▼

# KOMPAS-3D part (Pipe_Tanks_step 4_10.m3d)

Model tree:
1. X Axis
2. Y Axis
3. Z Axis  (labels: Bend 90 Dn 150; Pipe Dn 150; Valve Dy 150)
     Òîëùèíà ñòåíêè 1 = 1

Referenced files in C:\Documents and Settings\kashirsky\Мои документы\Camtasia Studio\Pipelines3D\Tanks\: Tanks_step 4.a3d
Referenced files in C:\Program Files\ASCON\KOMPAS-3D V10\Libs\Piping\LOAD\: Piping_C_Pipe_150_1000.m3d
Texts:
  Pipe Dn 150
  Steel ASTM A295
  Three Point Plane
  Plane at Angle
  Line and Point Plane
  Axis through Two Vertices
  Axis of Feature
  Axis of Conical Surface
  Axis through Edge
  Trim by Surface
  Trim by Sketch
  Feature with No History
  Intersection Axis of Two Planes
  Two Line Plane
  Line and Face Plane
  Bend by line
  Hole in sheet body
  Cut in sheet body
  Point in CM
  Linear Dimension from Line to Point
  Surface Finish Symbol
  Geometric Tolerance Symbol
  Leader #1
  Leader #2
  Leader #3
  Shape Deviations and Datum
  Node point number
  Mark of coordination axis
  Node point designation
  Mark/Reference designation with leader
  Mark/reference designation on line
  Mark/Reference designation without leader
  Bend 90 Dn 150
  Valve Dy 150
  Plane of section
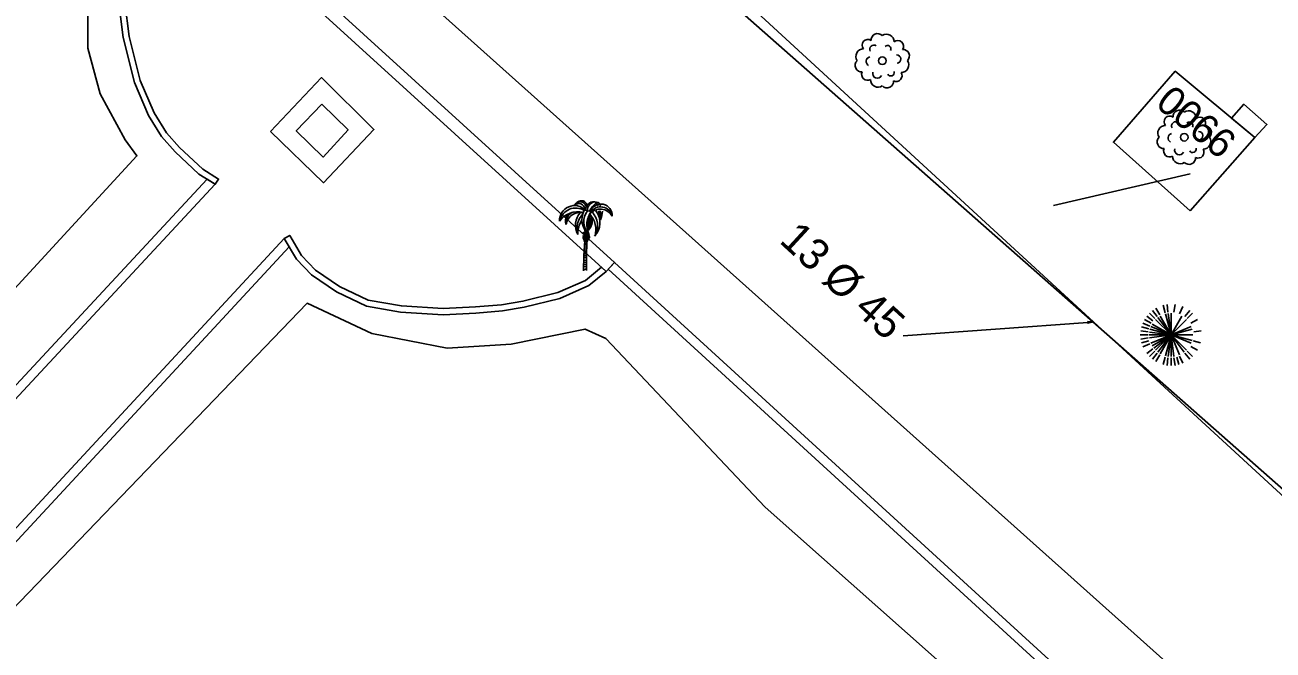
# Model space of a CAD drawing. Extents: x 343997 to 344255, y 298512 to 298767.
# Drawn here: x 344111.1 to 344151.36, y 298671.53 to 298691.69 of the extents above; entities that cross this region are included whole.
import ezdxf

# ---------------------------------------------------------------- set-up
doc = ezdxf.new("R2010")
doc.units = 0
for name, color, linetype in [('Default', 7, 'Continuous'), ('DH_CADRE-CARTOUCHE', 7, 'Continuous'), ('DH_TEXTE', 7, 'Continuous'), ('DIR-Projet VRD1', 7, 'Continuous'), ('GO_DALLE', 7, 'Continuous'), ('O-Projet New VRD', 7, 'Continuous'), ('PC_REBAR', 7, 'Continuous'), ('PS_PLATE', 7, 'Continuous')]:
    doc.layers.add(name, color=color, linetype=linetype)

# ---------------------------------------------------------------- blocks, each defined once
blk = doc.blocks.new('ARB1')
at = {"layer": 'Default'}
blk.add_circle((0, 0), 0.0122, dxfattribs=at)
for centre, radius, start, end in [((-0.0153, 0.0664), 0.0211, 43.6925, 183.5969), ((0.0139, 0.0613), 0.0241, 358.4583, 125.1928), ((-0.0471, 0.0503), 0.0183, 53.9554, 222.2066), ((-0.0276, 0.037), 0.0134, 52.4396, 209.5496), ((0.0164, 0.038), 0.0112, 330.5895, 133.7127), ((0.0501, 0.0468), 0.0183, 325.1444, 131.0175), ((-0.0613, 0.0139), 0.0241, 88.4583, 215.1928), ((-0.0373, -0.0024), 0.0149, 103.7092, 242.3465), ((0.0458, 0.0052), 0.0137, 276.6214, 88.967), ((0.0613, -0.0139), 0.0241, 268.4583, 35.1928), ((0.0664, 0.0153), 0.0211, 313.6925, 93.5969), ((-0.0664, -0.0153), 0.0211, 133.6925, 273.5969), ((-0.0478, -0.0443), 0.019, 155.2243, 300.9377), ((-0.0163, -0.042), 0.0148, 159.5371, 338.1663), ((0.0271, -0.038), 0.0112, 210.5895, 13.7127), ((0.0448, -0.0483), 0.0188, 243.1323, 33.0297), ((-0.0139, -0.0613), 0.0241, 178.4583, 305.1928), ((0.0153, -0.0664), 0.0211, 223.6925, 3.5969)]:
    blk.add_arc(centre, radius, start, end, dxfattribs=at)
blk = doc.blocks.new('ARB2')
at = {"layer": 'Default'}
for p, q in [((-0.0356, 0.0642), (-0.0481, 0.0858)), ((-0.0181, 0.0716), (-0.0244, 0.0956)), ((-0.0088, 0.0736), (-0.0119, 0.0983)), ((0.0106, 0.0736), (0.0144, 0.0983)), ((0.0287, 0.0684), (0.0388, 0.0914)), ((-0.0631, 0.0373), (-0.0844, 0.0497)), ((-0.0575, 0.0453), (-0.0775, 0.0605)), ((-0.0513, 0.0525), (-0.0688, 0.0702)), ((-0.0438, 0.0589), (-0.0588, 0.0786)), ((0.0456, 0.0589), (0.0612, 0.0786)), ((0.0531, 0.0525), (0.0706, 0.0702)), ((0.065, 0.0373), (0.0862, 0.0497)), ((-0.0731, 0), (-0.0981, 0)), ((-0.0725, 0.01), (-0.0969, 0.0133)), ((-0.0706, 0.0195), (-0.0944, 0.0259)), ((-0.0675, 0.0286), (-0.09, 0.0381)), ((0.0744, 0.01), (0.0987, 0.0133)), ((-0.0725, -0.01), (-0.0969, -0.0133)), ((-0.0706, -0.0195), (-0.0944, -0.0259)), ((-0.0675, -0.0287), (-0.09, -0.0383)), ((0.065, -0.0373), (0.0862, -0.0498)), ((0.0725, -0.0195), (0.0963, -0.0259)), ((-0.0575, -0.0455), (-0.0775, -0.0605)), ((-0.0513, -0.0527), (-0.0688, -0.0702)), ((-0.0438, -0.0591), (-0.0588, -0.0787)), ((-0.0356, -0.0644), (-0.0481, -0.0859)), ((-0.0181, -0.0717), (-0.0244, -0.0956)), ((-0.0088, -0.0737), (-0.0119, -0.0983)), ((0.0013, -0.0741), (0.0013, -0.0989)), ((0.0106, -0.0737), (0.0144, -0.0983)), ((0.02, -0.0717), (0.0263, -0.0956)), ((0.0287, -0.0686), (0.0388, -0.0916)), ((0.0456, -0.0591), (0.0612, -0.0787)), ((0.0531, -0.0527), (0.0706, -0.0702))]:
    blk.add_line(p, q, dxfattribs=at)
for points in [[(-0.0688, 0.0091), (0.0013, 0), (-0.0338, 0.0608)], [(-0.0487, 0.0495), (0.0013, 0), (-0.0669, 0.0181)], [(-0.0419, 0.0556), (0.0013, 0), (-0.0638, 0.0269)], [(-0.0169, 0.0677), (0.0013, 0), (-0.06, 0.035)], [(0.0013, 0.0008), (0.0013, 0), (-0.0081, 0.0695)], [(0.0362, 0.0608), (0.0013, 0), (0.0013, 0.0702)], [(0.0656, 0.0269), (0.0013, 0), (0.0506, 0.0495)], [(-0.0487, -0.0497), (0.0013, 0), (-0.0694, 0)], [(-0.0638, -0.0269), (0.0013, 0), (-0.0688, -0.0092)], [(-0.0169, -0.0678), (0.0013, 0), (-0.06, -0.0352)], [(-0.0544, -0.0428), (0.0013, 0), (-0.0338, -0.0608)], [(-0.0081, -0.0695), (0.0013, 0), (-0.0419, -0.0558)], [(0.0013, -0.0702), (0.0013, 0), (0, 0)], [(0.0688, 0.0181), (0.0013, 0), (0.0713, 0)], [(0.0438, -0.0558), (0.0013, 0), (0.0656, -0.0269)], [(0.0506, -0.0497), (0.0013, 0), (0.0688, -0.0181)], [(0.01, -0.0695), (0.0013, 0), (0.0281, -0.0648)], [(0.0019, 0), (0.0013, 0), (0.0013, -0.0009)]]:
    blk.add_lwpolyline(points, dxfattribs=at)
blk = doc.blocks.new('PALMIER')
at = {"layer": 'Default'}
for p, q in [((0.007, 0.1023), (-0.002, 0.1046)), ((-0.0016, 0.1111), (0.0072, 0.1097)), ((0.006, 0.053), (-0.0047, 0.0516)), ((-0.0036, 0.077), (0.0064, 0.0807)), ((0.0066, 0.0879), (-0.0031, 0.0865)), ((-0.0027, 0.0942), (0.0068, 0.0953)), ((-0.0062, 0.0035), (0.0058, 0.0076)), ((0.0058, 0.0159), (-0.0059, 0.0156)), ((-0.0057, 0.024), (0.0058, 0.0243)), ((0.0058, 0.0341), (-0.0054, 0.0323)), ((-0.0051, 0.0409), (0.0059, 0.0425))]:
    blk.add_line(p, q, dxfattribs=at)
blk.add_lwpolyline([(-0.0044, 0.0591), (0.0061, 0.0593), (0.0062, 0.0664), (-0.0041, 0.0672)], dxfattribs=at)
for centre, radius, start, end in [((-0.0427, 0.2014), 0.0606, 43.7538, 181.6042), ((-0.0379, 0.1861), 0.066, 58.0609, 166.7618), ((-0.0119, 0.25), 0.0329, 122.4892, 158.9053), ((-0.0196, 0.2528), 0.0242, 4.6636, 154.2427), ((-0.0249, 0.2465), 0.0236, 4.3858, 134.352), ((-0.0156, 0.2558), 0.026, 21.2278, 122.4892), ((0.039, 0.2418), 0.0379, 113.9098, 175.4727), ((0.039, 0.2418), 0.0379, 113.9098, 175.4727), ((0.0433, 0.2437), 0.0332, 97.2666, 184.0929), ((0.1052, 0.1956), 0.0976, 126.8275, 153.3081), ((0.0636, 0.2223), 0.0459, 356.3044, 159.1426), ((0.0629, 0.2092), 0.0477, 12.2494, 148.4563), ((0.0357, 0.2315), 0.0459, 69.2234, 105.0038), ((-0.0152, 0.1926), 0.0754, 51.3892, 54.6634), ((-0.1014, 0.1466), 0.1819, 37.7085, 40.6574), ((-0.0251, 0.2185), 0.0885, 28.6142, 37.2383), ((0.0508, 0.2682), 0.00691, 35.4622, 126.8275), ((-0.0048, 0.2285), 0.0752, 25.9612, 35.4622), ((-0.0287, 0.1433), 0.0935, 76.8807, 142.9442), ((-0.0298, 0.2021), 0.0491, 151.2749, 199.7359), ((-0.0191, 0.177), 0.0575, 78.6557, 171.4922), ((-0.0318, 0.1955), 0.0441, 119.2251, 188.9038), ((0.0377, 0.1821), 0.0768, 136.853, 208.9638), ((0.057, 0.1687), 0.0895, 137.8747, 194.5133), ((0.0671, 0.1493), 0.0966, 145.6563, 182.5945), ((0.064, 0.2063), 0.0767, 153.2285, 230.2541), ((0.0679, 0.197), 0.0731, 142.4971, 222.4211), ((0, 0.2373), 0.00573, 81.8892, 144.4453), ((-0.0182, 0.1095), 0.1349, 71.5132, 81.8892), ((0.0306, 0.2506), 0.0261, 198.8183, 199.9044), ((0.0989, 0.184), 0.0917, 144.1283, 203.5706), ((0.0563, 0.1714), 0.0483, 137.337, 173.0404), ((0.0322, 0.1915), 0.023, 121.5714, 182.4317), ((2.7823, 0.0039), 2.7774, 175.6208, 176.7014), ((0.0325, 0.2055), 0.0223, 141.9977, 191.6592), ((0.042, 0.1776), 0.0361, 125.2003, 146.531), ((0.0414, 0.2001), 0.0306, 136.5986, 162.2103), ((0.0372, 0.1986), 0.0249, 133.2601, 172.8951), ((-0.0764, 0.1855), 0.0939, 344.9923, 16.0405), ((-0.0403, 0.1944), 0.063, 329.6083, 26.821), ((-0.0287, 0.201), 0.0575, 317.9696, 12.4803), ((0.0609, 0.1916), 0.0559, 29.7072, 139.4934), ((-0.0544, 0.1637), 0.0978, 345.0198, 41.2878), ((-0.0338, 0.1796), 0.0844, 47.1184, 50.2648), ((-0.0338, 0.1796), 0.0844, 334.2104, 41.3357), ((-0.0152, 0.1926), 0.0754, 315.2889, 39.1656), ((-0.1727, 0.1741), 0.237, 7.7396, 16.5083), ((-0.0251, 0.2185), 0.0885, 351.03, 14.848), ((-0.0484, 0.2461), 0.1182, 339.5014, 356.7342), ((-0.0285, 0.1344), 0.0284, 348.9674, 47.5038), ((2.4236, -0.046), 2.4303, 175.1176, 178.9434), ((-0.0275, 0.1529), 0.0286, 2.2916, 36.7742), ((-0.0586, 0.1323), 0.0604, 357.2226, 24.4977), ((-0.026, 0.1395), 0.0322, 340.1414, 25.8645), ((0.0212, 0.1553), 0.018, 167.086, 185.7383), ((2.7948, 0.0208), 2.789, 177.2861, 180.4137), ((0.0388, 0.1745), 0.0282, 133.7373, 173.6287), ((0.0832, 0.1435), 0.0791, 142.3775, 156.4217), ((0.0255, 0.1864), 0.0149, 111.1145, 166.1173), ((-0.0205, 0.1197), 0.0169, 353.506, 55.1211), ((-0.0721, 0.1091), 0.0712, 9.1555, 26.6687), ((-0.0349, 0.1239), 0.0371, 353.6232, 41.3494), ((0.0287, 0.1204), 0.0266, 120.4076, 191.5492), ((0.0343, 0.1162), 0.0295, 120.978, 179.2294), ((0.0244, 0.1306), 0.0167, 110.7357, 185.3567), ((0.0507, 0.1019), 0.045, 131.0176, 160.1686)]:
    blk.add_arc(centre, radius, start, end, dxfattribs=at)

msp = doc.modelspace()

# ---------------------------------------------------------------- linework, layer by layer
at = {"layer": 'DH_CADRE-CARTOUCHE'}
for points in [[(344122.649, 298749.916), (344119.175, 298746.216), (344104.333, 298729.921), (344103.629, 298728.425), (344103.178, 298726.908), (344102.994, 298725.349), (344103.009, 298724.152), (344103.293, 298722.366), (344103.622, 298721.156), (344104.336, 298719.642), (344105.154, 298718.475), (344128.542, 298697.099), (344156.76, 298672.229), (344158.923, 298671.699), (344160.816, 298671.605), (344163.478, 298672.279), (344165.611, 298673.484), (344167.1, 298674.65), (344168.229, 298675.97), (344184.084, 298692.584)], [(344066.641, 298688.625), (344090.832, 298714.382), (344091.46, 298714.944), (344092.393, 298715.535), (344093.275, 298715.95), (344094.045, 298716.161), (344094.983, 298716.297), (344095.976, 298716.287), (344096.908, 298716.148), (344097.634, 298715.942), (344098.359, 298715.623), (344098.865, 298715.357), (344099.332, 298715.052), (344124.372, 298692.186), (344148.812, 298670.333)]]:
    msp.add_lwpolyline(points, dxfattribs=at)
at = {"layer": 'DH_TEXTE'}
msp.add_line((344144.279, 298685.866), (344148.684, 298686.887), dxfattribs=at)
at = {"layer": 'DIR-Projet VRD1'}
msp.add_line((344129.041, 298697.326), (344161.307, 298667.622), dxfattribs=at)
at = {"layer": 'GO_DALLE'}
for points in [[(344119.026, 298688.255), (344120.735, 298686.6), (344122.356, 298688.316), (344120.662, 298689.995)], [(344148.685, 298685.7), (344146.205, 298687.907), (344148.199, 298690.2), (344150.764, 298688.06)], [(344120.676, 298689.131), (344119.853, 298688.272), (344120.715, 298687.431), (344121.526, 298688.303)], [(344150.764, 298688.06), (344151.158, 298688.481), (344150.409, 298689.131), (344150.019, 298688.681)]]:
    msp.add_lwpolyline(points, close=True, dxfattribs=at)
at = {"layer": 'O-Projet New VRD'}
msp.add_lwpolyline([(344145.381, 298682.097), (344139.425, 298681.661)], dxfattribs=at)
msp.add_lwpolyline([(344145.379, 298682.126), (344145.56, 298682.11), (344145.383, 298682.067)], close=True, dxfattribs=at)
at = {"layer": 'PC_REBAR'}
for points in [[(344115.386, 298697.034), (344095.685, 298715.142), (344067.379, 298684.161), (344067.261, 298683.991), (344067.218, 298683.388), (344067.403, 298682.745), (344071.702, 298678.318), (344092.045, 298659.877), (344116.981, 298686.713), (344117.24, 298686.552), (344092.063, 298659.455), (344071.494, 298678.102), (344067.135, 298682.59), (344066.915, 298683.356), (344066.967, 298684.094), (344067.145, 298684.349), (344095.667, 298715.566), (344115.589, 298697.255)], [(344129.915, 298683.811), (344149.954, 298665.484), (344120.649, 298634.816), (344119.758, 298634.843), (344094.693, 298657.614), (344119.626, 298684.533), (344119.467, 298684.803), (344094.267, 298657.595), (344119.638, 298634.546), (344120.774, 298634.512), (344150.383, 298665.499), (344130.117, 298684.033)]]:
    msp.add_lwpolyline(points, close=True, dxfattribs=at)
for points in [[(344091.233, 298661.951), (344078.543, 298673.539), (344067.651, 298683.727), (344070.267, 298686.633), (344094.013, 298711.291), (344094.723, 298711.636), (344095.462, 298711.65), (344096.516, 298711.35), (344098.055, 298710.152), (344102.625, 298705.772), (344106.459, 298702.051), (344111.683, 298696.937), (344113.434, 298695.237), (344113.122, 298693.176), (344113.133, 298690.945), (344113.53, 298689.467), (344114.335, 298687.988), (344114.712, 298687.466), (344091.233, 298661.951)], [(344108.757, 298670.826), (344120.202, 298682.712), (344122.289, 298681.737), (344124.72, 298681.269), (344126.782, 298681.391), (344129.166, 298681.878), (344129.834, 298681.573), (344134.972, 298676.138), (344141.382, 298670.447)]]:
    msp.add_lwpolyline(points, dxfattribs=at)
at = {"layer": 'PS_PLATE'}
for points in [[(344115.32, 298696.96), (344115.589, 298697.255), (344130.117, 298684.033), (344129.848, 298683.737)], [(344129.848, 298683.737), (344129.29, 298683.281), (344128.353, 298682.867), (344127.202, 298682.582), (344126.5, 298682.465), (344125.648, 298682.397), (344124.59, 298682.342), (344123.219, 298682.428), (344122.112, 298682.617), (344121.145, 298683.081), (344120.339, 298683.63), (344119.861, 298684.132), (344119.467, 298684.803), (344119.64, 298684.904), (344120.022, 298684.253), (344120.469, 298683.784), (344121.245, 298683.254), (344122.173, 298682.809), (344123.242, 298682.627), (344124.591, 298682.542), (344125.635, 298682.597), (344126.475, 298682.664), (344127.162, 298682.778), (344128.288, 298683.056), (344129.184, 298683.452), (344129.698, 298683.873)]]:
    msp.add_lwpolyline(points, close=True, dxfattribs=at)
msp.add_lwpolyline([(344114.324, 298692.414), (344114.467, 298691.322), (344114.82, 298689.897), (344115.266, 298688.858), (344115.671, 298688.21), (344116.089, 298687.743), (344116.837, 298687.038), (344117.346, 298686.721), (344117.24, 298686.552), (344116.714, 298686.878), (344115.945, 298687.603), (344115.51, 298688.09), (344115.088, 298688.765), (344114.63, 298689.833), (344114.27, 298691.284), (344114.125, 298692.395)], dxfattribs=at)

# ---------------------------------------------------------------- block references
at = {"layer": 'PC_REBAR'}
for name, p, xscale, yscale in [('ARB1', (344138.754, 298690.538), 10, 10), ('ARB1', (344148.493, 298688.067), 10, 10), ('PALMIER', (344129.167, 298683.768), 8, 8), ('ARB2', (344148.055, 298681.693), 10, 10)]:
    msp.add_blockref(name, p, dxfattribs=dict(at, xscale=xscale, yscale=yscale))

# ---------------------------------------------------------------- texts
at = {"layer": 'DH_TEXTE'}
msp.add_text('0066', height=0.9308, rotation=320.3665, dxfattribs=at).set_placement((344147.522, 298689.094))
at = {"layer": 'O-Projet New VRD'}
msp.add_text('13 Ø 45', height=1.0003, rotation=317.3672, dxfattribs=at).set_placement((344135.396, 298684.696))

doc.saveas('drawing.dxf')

▲

■ **What you need to do**:
A clean copy is needed of the lines above from the one with "Axis of Conical Surface" up to and including the one with "# Drawn here: x". Please set it down exactly, with no pictures.

■ **Answer box**:
  Axis of Conical Surface
  Axis through Edge
  Trim by Surface
  Trim by Sketch
  Feature with No History
  Intersection Axis of Two Planes
  Two Line Plane
  Line and Face Plane
  Bend by line
  Hole in sheet body
  Cut in sheet body
  Point in CM
  Linear Dimension from Line to Point
  Surface Finish Symbol
  Geometric Tolerance Symbol
  Leader #1
  Leader #2
  Leader #3
  Shape Deviations and Datum
  Node point number
  Mark of coordination axis
  Node point designation
  Mark/Reference designation with leader
  Mark/reference designation on line
  Mark/Reference designation without leader
  Bend 90 Dn 150
  Valve Dy 150
  Plane of section
# Model space of a CAD drawing. Extents: x 343997 to 344255, y 298512 to 298767.
# Drawn here: x 344111.1 to 344151.36, y 298671.53 to 298691.69 of the extents above; entities that cross this region are included whole.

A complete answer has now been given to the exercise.